= Noxious stimulus =

Stimulus that may damage tissue

A noxious stimulus is a stimulus strong enough to threaten the body's integrity (i.e. cause damage to tissue). Noxious stimulation induces peripheral afferents responsible for transducing pain (including A-delta and C- nerve fibers, as well as free nerve endings) throughout the nervous system of an organism.

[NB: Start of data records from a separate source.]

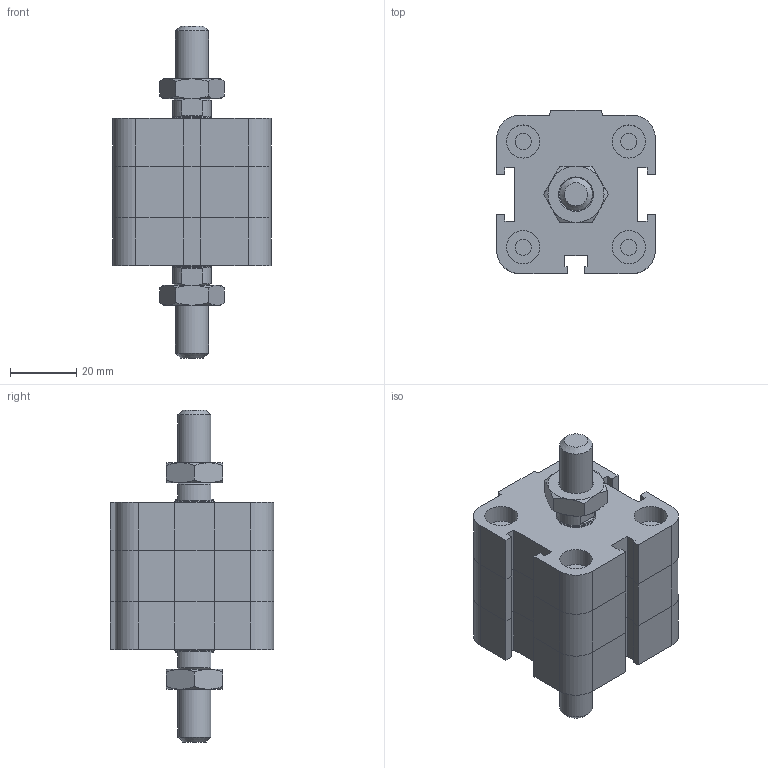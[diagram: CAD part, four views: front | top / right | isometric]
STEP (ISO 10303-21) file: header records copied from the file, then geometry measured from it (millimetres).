
FILE_DESCRIPTION((''),'2;1');
FILE_NAME('I:\Area Tecnica\Disegni\VARIE-3D\Componenti\EUROPE\15##_###_####_04_#\1581_32_0000_04_1.iam.stp','2009-04-20T14:50:46',(''),(''),'Autodesk Inventor 2009','Autodesk Inventor 2009','');
FILE_SCHEMA(('AUTOMOTIVE_DESIGN { 1 0 10303 214 1 1 1 1 }'));
Length unit declared in the file: millimetre
Products named in the file (4): 1581_32_0000_04_1; 1581_32_0000_03_1_C; 1561_32_0000_04_1_S; DBFM10
Assembly tree (4 placements, depth 2):
  1581_32_0000_04_1
    1581_32_0000_03_1_C
    1561_32_0000_04_1_S
    DBFM10  x2
Bounding box: 48 x 49.5 x 100.5 mm (x, y, z)
Volume: 93763.3 mm3; surface area: 24775.1 mm2
Topology: 4 solids, 4 shells, 222 faces, 483 edges, 289 vertices
Faces by surface type: plane 129, cone 35, bspline 33, cylinder 25
Full cylindrical faces by diameter (mm): 4.917 x4, 8.8 x1, 10 x5, 11.7 x2, 12 x1
Entity records: 5450 total; most frequent: CARTESIAN_POINT 1222, DIRECTION 802, ORIENTED_EDGE 772, EDGE_CURVE 386, AXIS2_PLACEMENT_3D 272, EDGE_LOOP 258, VECTOR 258, LINE 258

The ability to perceive noxious stimuli is a prerequisite for nociception, which itself is a prerequisite for nociceptive pain. A noxious stimulus has been seen to drive nocifensive behavioral responses, which are responses to noxious or painful stimuli. These include reflexive, escape behaviors, to avoid harm to an organism's body.

Because of rare genetic conditions that inhibit the ability to perceive physical pain, such as congenital insensitivity to pain and anhydrosis (CIPA), noxious stimulation does not invariably lead to tissue damage.

Noxious stimuli can either be mechanical (e.g. pinching or other tissue deformation), chemical (e.g. exposure to acid or irritant), or thermal (e.g. high or low temperatures).

There are some types of tissue damage that are not detected by any sensory receptors, and thus cannot cause pain. Therefore, not all noxious stimuli are adequate stimuli of nociceptors. The adequate stimuli of nociceptors are termed nociceptive stimuli.